◆ **WORK REQUEST**: Look through the records and copy every line in which "KDIMTEXTSTYLE" appears.

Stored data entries
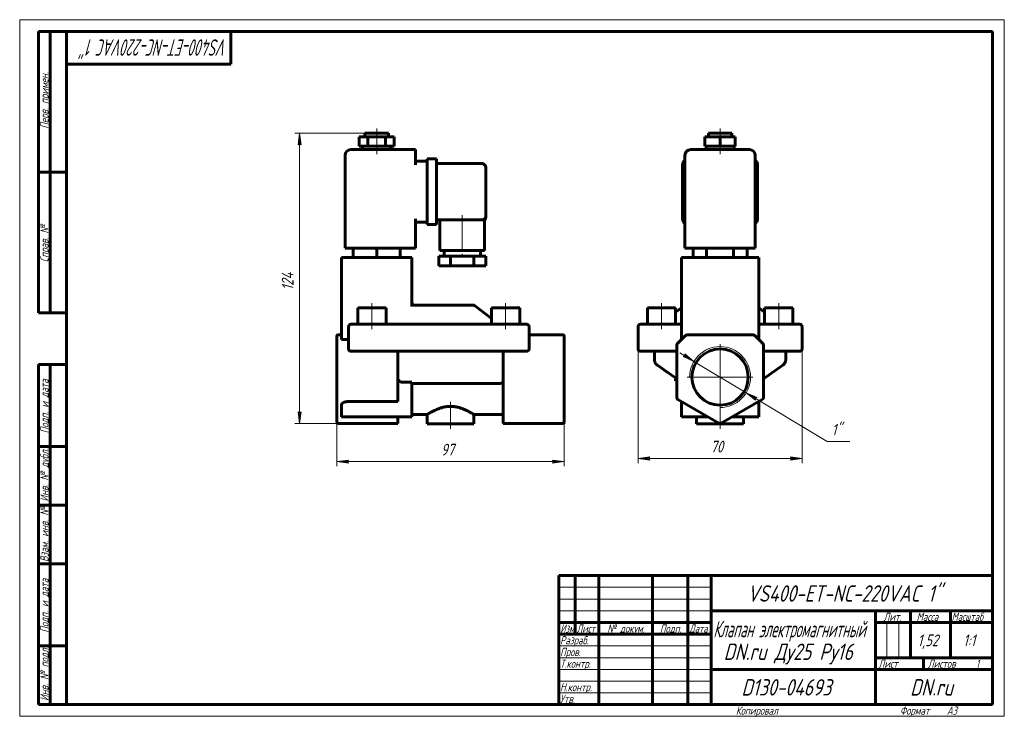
# Model space of a CAD drawing. Header units: millimetres. Extents: x 0 to 420, y 0 to 297.
import ezdxf

# ---------------------------------------------------------------- set-up
doc = ezdxf.new("R2010")
doc.units = ezdxf.units.MM
for name, pattern in [('K5LT_AXLED', [19.5, 15, -1.5, 1.5, -1.5]), ('K5LT_BASIC', [0]), ('K5LT_THIN', [0])]:
    doc.linetypes.add(name, pattern=pattern)
doc.layers.add('Системный слой', color=7, linetype='Continuous')
doc.layers.add('Системный слой (1)', color=251, linetype='Continuous', true_color=0x6c6c6c)
doc.styles.add('KDIMTEXTSTYLE', font='GOST_AU.SHX', dxfattribs={"width": 0.96, "oblique": 15, "height": 5})
doc.styles.add('KTEXTSTYLE', font='GOST_AU.SHX', dxfattribs={"width": 0.96, "height": 5})
doc.dimstyles.new('KDIMSTYLE (1.00)', dxfattribs={"dimtxt": 5, "dimasz": 1, "dimexe": 2, "dimexo": 0, "dimgap": 1, "dimtad": 1, "dimtxsty": 'KDIMTEXTSTYLE', "dimsah": 1, "dimcen": 0, "dimdle": 1, "dimadec": 0, "dimazin": 0, "dimtfac": 0.667, "dimtmove": 0, "dimatfit": 3, "dimfxl": 1, "dimtvp": 1, "dimtolj": 1, "dimtzin": 0, "dimarcsym": 0})

# ---------------------------------------------------------------- blocks, each defined once
blk = doc.blocks.new('U0')
at = {"layer": 'Системный слой (1)', "color": 150, "linetype": 'K5LT_BASIC', "lineweight": 60, "true_color": 0x0080ff}
for q in [(282.26, 170.95), (282.26, 170.94), (282.26, 170.94)]:
    blk.add_line((282.26, 170.94), q, dxfattribs=at)
blk = doc.blocks.new('U1')
at = {"layer": 'Системный слой (1)', "color": 150, "linetype": 'K5LT_BASIC', "lineweight": 60, "true_color": 0x0080ff}
for q in [(315.26, 170.95), (315.26, 170.94), (315.26, 170.94)]:
    blk.add_line((315.26, 170.94), q, dxfattribs=at)
blk = doc.blocks.new('D0')
at = {"layer": 'Системный слой (1)'}
for points in [[(263.76, 109.92), (268.76, 110.58), (268.26, 109.92), (268.76, 109.26)], [(328.76, 109.26), (333.76, 109.92), (328.76, 110.58), (329.26, 109.92)]]:
    blk.add_hatch(color=7, dxfattribs=at).paths.add_polyline_path(points)
at = {"layer": 'Системный слой (1)', "color": 7, "linetype": 'K5LT_THIN', "lineweight": 18}
for p, q in [((263.76, 156.63), (263.76, 107.92)), ((333.76, 156.63), (333.76, 107.92)), ((263.76, 109.92), (268.76, 110.58)), ((268.76, 109.26), (263.76, 109.92)), ((268.76, 110.58), (268.26, 109.92)), ((268.26, 109.92), (268.76, 109.26)), ((329.26, 109.92), (328.76, 110.58)), ((328.76, 110.58), (333.76, 109.92)), ((333.76, 109.92), (328.76, 109.26)), ((328.76, 109.26), (329.26, 109.92))]:
    blk.add_line(p, q, dxfattribs=at)
blk.add_wipeout([(294.68, 110.92), (294.68, 118.3), (302.52, 118.3), (302.52, 110.92)]).dxf.layer = 'Системный слой (1)'
blk.add_line((263.76, 109.92), (333.76, 109.92), dxfattribs=at)
at = {"layer": 'Системный слой (1)', "color": 7, "insert": (294.68, 117.51), "char_height": 5, "attachment_point": 1, "style": 'KTEXTSTYLE'}
blk.add_mtext('\\H5.0;\\W1.000;\\Q15;\\Q15;\\W0.965;70', dxfattribs=at)
blk = doc.blocks.new('KDIMARROW_01')
at = {"layer": 'Системный слой'}
blk.add_hatch(color=0, dxfattribs=at).paths.add_polyline_path([(-5, -0.66), (0, 0), (-5, 0.66), (-4.5, 0)])
at = {"layer": 'Системный слой', "color": 0, "linetype": 'K5LT_THIN', "lineweight": 18}
for p, q in [((-4.5, 0), (-5, 0.66)), ((-5, 0.66), (0, 0)), ((0, 0), (-5, -0.66)), ((-5, -0.66), (-4.5, 0))]:
    blk.add_line(p, q, dxfattribs=at)
at = {"layer": 'Системный слой (1)', "color": 0, "linetype": 'K5LT_THIN', "lineweight": 18}
blk.add_line((135.28, 144.63), (134.28, 144.63), dxfattribs=at)
blk = doc.blocks.new('D1')
at = {"layer": 'Системный слой (1)'}
for points in [[(287.63, 151.34), (283.68, 154.48), (283.77, 153.66), (283, 153.36)], [(313.75, 135.6), (314.52, 135.91), (309.9, 137.92), (313.84, 134.78)]]:
    blk.add_hatch(color=7, dxfattribs=at).paths.add_polyline_path(points)
at = {"layer": 'Системный слой (1)', "color": 7, "linetype": 'K5LT_THIN', "lineweight": 18}
for p, q in [((287.63, 151.34), (281.63, 154.95)), ((283.77, 153.66), (283, 153.36)), ((283, 153.36), (287.63, 151.34)), ((287.63, 151.34), (283.68, 154.48)), ((283.68, 154.48), (283.77, 153.66)), ((287.63, 151.34), (309.9, 137.92)), ((309.9, 137.92), (313.84, 134.78)), ((314.52, 135.91), (309.9, 137.92)), ((309.9, 137.92), (315.89, 134.31)), ((313.75, 135.6), (314.52, 135.91)), ((313.84, 134.78), (313.75, 135.6))]:
    blk.add_line(p, q, dxfattribs=at)
blk.add_wipeout([(346.38, 118.15), (346.38, 125.53), (351.81, 125.53), (351.81, 118.15)]).dxf.layer = 'Системный слой (1)'
for p, q in [((309.9, 137.92), (344.38, 117.15)), ((344.38, 117.15), (354.04, 117.15))]:
    blk.add_line(p, q, dxfattribs=at)
at = {"layer": 'Системный слой (1)', "color": 7, "insert": (346.38, 124.74), "char_height": 5, "attachment_point": 1, "style": 'KTEXTSTYLE'}
blk.add_mtext('\\H5.0;\\W1.000;\\Q15;\\Q15;\\W0.965;1"', dxfattribs=at)
blk = doc.blocks.new('KDIMARROW_02')
at = {"layer": 'Системный слой'}
blk.add_hatch(color=0, dxfattribs=at).paths.add_polyline_path([(4.5, 0), (5, 0.66), (0, 0), (5, -0.66)])
at = {"layer": 'Системный слой', "color": 0, "linetype": 'K5LT_THIN', "lineweight": 18}
for p, q in [((5, 0.66), (0, 0)), ((0, 0), (5, -0.66)), ((0, 0), (7, 0)), ((4.5, 0), (5, 0.66)), ((5, -0.66), (4.5, 0))]:
    blk.add_line(p, q, dxfattribs=at)
at = {"layer": 'Системный слой (1)', "color": 0, "linetype": 'K5LT_THIN', "lineweight": 18}
blk.add_line((135.28, 144.63), (134.28, 144.63), dxfattribs=at)
blk = doc.blocks.new('U2')
at = {"layer": 'Системный слой (1)', "color": 30, "linetype": 'K5LT_AXLED', "lineweight": 18, "true_color": 0xff8000}
for q in [(298.76, 158.63), (284.76, 144.63), (312.76, 144.63), (298.76, 130.63)]:
    blk.add_line((298.76, 144.63), q, dxfattribs=at)
blk = doc.blocks.new('U3')
at = {"layer": 'Системный слой (1)', "color": 150, "linetype": 'K5LT_BASIC', "lineweight": 60, "true_color": 0x0080ff}
for p in [(198.78, 213.13), (198.78, 212.75), (198.78, 212.75)]:
    blk.add_line(p, (198.78, 212.75), dxfattribs=at)
blk = doc.blocks.new('U4')
at = {"layer": 'Системный слой (1)', "color": 150, "linetype": 'K5LT_BASIC', "lineweight": 60, "true_color": 0x0080ff}
for p, q in [((167.28, 128.63), (173.78, 128.63)), ((193.78, 128.63), (206.28, 128.63))]:
    blk.add_line(p, q, dxfattribs=at)
blk = doc.blocks.new('D2')
at = {"layer": 'Системный слой (1)'}
for points in [[(135.28, 108.62), (140.28, 109.27), (139.78, 108.62), (140.28, 107.96)], [(232.28, 108.62), (227.28, 109.27), (227.78, 108.62), (227.28, 107.96)]]:
    blk.add_hatch(color=7, dxfattribs=at).paths.add_polyline_path(points)
at = {"layer": 'Системный слой (1)', "color": 7, "linetype": 'K5LT_THIN', "lineweight": 18}
for p, q in [((135.28, 125.29), (135.28, 106.62)), ((232.28, 125.35), (232.28, 106.62)), ((135.28, 108.62), (140.28, 109.27)), ((140.28, 109.27), (139.78, 108.62)), ((227.78, 108.62), (227.28, 109.27)), ((227.28, 109.27), (232.28, 108.62)), ((140.28, 107.96), (135.28, 108.62)), ((139.78, 108.62), (140.28, 107.96)), ((232.28, 108.62), (227.28, 107.96)), ((227.28, 107.96), (227.78, 108.62))]:
    blk.add_line(p, q, dxfattribs=at)
blk.add_wipeout([(179.69, 109.62), (179.69, 117), (187.53, 117), (187.53, 109.62)]).dxf.layer = 'Системный слой (1)'
blk.add_line((135.28, 108.62), (232.28, 108.62), dxfattribs=at)
at = {"layer": 'Системный слой (1)', "color": 7, "insert": (179.69, 116.2), "char_height": 5, "attachment_point": 1, "style": 'KTEXTSTYLE'}
blk.add_mtext('\\H5.0;\\W1.000;\\Q15;\\Q15;\\W0.965;97', dxfattribs=at)
blk = doc.blocks.new('D3')
at = {"layer": 'Системный слой (1)'}
for points in [[(120.05, 243.63), (119.39, 248.63), (118.73, 243.63), (119.39, 244.13)], [(119.39, 124.79), (120.05, 129.79), (119.39, 129.29), (118.73, 129.79)]]:
    blk.add_hatch(color=7, dxfattribs=at).paths.add_polyline_path(points)
at = {"layer": 'Системный слой (1)', "color": 7, "linetype": 'K5LT_THIN', "lineweight": 18}
for p, q in [((147.28, 248.63), (117.39, 248.63)), ((118.73, 243.63), (119.39, 248.63)), ((119.39, 248.63), (120.05, 243.63)), ((119.39, 244.13), (118.73, 243.63)), ((120.05, 243.63), (119.39, 244.13)), ((119.39, 124.79), (118.73, 129.79)), ((118.73, 129.79), (119.39, 129.29)), ((119.39, 129.29), (120.05, 129.79)), ((120.05, 129.79), (119.39, 124.79)), ((135.78, 124.79), (117.39, 124.79))]:
    blk.add_line(p, q, dxfattribs=at)
blk.add_wipeout([(118.39, 181.63), (111.01, 181.63), (111.01, 191.38), (118.39, 191.38)]).dxf.layer = 'Системный слой (1)'
blk.add_line((119.39, 248.63), (119.39, 124.79), dxfattribs=at)
at = {"layer": 'Системный слой (1)', "color": 7, "insert": (111.8, 181.63), "char_height": 5, "attachment_point": 1, "rotation": 90, "style": 'KTEXTSTYLE'}
blk.add_mtext('\\H5.0;\\W1.000;\\Q15;\\Q15;\\W0.965;124', dxfattribs=at)
blk = doc.blocks.new('U5')
at = {"color": 7, "linetype": 'K5LT_THIN', "lineweight": 18}
for p, q in [((0, 0), (0, 297)), ((0, 297), (420, 297)), ((420, 297), (420, 0)), ((230, 55), (295, 55)), ((230, 50), (295, 50)), ((230, 45), (295, 45)), ((369.96, 25), (369.96, 40)), ((374.98, 25), (374.98, 40)), ((230, 30), (295, 30)), ((230, 25), (295, 25)), ((230, 20), (295, 20)), ((230, 15), (295, 15)), ((230, 10), (295, 10)), ((420, 0), (0, 0))]:
    blk.add_line(p, q, dxfattribs=at)
at = {"color": 150, "linetype": 'K5LT_BASIC', "lineweight": 60, "true_color": 0x0080ff}
for p, q in [((8, 172), (8, 292)), ((20, 292), (8, 292)), ((13, 172), (13, 292)), ((20, 5), (20, 292)), ((20, 292), (415, 292)), ((90, 292), (90, 278)), ((415, 292), (415, 5)), ((90, 278), (20, 278)), ((20, 232), (8, 232)), ((20, 172), (8, 172)), ((8, 5), (8, 150)), ((20, 150), (8, 150)), ((13, 5), (13, 150)), ((20, 115), (8, 115)), ((20, 90), (8, 90)), ((20, 65), (8, 65)), ((230, 60), (415, 60)), ((230, 5), (230, 60)), ((237, 35), (237, 60)), ((247, 5), (247, 60)), ((270, 5), (270, 60)), ((285, 5), (285, 60)), ((295, 5), (295, 60)), ((295, 45), (415, 45)), ((365, 5), (365, 45)), ((380, 25), (380, 45)), ((397, 25), (397, 45)), ((230, 40), (295, 40)), ((365, 40), (380, 40)), ((380, 40), (415, 40)), ((230, 35), (295, 35)), ((20, 30), (8, 30)), ((365, 25), (415, 25)), ((385.57, 20), (385.57, 25)), ((295, 20), (365, 20)), ((365, 20), (415, 20)), ((20, 5), (8, 5)), ((415, 5), (20, 5))]:
    blk.add_line(p, q, dxfattribs=at)
at = {"color": 7, "attachment_point": 1, "style": 'KTEXTSTYLE'}
for s, insert, char_height, rotation in [('\\H5.0;\\W1.000;\\Q15;\\Q15;\\W0.720;\\H7.00;VS400-ET-NC-220VAC 1"', (88.68, 281.64), 7, 180), ('\\H5.0;\\W1.000;\\Q15;\\Q15;\\W0.965;\\H3.50;Перв. примен.', (8.82, 250.52), 3.5, 90), ('\\H5.0;\\W1.000;\\Q15;\\Q15;\\W0.965;\\H3.50;Справ. №', (8.82, 193.63), 3.5, 90), ('\\H5.0;\\W1.000;\\Q15;\\Q15;\\W0.965;\\H3.50;Подп. и дата', (8.82, 120.66), 3.5, 90), ('\\H5.0;\\W1.000;\\Q15;\\Q15;\\W0.965;\\H3.50;Инв. № дубл.', (8.82, 91.57), 3.5, 90), ('\\H5.0;\\W1.000;\\Q15;\\Q15;\\W0.965;\\H3.50;Взам. инв. №', (8.82, 65.8), 3.5, 90), ('\\H5.0;\\W1.000;\\Q15;\\Q15;\\W0.965;\\H3.50;Подп. и дата', (8.82, 35.66), 3.5, 90), ('\\H5.0;\\W1.000;\\Q15;\\Q15;\\W0.965;\\H3.50;Инв. № подл.', (8.82, 6.57), 3.5, 90)]:
    blk.add_mtext(s, dxfattribs=dict(at, insert=insert, char_height=char_height, rotation=rotation))
for s, insert, char_height in [('\\H5.0;\\W1.000;\\Q15;\\Q15;\\W0.965;\\H7.00;VS400-ET-NC-220VAC 1"', (310.39, 55.86), 7), ('\\H5.0;\\W1.000;\\Q15;\\Q15;\\W0.965;\\H3.50;Лит.', (368.47, 44.18), 3.5), ('\\H5.0;\\W1.000;\\Q15;\\Q15;\\W0.965;\\H3.50;Масса', (382.58, 44.18), 3.5), ('\\H5.0;\\W1.000;\\Q15;\\Q15;\\W0.930;\\H3.50;Масштаб', (397.52, 44.18), 3.5), ('\\H5.0;\\W1.000;\\Q15;\\Q15;\\W0.784;\\H3.50;Изм.', (230.62, 39.18), 3.5), ('\\H5.0;\\W1.000;\\Q15;\\Q15;\\W0.799;\\H3.50;Лист', (237.61, 39.18), 3.5), ('\\H5.0;\\W1.000;\\Q15;\\Q15;\\W0.965;\\H3.50;№ докум.', (250.63, 39.18), 3.5), ('\\H5.0;\\W1.000;\\Q15;\\Q15;\\W0.965;\\H3.50;Подп.', (273.1, 39.18), 3.5), ('\\H5.0;\\W1.000;\\Q15;\\Q15;\\W0.799;\\H3.50;Дата', (285.61, 39.18), 3.5), ('\\H5.0;\\W1.000;\\Q15;\\Q15;\\W0.672;\\H7.00;Клапан электромагнитный', (295.88, 40.69), 7), ('\\H5.0;\\W1.000;\\Q15;\\Q15;\\W0.965;\\H3.50;Разраб.', (230.5, 34.18), 3.5), ('\\H5.0;\\W1.000;\\Q15;\\Q15;\\W0.965;1,52', (383.03, 34.9), 5), ('\\H5.0;\\W1.000;\\Q15;\\Q15;\\W0.965;{\\c16711680;1:1}', (402.44, 34.9), 5), ('\\H5.0;\\W1.000;\\Q15;\\Q15;\\W0.965;\\H7.00;DN.ru Ду25 Ру16', (300.3, 31.02), 7), ('\\H5.0;\\W1.000;\\Q15;\\Q15;\\W0.965;\\H3.50;Пров.', (230.5, 29.18), 3.5), ('\\H5.0;\\W1.000;\\Q15;\\Q15;\\W0.965;\\H3.50;Т.контр.', (230.5, 24.18), 3.5), ('\\H5.0;\\W1.000;\\Q15;\\Q15;\\W0.965;\\H3.50;Лист', (366.32, 24.18), 3.5), ('\\H5.0;\\W1.000;\\Q15;\\Q15;\\W0.965;\\H3.50;Листов', (387.36, 24.18), 3.5), ('\\H5.0;\\W1.000;\\Q15;\\Q15;\\W0.965;\\H3.50;1', (407.91, 24.18), 3.5), ('\\H5.0;\\W1.000;\\Q15;\\Q15;\\W0.965;\\H3.50;Н.контр.', (230.5, 14.18), 3.5), ('\\H5.0;\\W1.000;\\Q15;\\Q15;\\W0.965;\\H7.00;D130-04693', (307.89, 15.86), 7), ('\\H5.0;\\W1.000;\\Q15;\\Q15;\\W0.965;\\H7.00;DN.ru', (379.84, 15.86), 7), ('\\H5.0;\\W1.000;\\Q15;\\Q15;\\W0.965;\\H3.50;Утв.', (230.5, 9.18), 3.5), ('\\H5.0;\\W1.000;\\Q15;\\Q15;\\W0.965;\\H3.50;Копировал', (305.5, 4.18), 3.5), ('\\H5.0;\\W1.000;\\Q15;\\Q15;\\W0.965;\\H3.50;Формат', (375.5, 4.18), 3.5), ('\\H5.0;\\W1.000;\\Q15;\\Q15;\\W0.965;\\H3.50;A3', (395.5, 4.18), 3.5)]:
    blk.add_mtext(s, dxfattribs=dict(at, insert=insert, char_height=char_height))

msp = doc.modelspace()

# ---------------------------------------------------------------- linework, layer by layer
at = {"layer": 'Системный слой (1)', "color": 150, "linetype": 'K5LT_BASIC', "lineweight": 60, "true_color": 0x0080ff}
for p, q in [((147.276, 247.132), (147.276, 248.632)), ((147.276, 248.632), (157.276, 248.632)), ((157.276, 247.132), (157.276, 248.632)), ((293.76, 247.132), (293.76, 248.632)), ((293.76, 248.632), (303.76, 248.632)), ((303.76, 247.132), (303.76, 248.632)), ((144.776, 243.132), (144.776, 247.132)), ((144.776, 247.132), (148.526, 247.132)), ((148.526, 243.132), (148.526, 247.132)), ((148.526, 247.132), (156.026, 247.132)), ((156.026, 243.132), (156.026, 247.132)), ((156.026, 247.132), (159.776, 247.132)), ((159.776, 243.132), (159.776, 247.132)), ((292.265, 247.132), (298.76, 247.132)), ((292.265, 243.132), (292.265, 247.132)), ((298.76, 243.132), (298.76, 247.132)), ((298.76, 247.132), (305.256, 247.132)), ((305.256, 243.132), (305.256, 247.132)), ((168.776, 241.632), (141.276, 241.632)), ((144.776, 243.132), (148.526, 243.132)), ((146.276, 241.632), (146.276, 243.132)), ((148.526, 243.132), (156.026, 243.132)), ((156.026, 243.132), (159.776, 243.132)), ((158.276, 241.632), (158.276, 243.132)), ((168.776, 241.632), (168.776, 239.132)), ((311.26, 241.632), (286.26, 241.632)), ((292.265, 243.132), (298.76, 243.132)), ((292.76, 241.632), (292.76, 243.132)), ((298.76, 243.132), (305.256, 243.132)), ((304.76, 241.632), (304.76, 243.132)), ((138.776, 199.632), (138.776, 239.132)), ((168.776, 235.132), (168.776, 239.132)), ((168.776, 236.632), (173.776, 236.632)), ((173.776, 237.632), (177.776, 237.632)), ((173.776, 235.132), (173.776, 237.632)), ((177.776, 237.632), (177.776, 235.132)), ((177.776, 235.632), (197.276, 235.632)), ((283.76, 199.632), (283.76, 239.132)), ((313.76, 199.632), (313.76, 239.132)), ((173.776, 235.132), (173.776, 212.132)), ((177.776, 235.132), (177.776, 212.132)), ((198.776, 234.132), (198.776, 213.132)), ((282.76, 212.132), (282.76, 235.132)), ((314.76, 235.132), (314.76, 212.132)), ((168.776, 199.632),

◆ **SOLUTION TO THE PROBLEM**:
doc.styles.add('KDIMTEXTSTYLE', font='GOST_AU.SHX', dxfattribs={"width": 0.96, "oblique": 15, "height": 5})
doc.dimstyles.new('KDIMSTYLE (1.00)', dxfattribs={"dimtxt": 5, "dimasz": 1, "dimexe": 2, "dimexo": 0, "dimgap": 1, "dimtad": 1, "dimtxsty": 'KDIMTEXTSTYLE', "dimsah": 1, "dimcen": 0, "dimdle": 1, "dimadec": 0, "dimazin": 0, "dimtfac": 0.667, "dimtmove": 0, "dimatfit": 3, "dimfxl": 1, "dimtvp": 1, "dimtolj": 1, "dimtzin": 0, "dimarcsym": 0})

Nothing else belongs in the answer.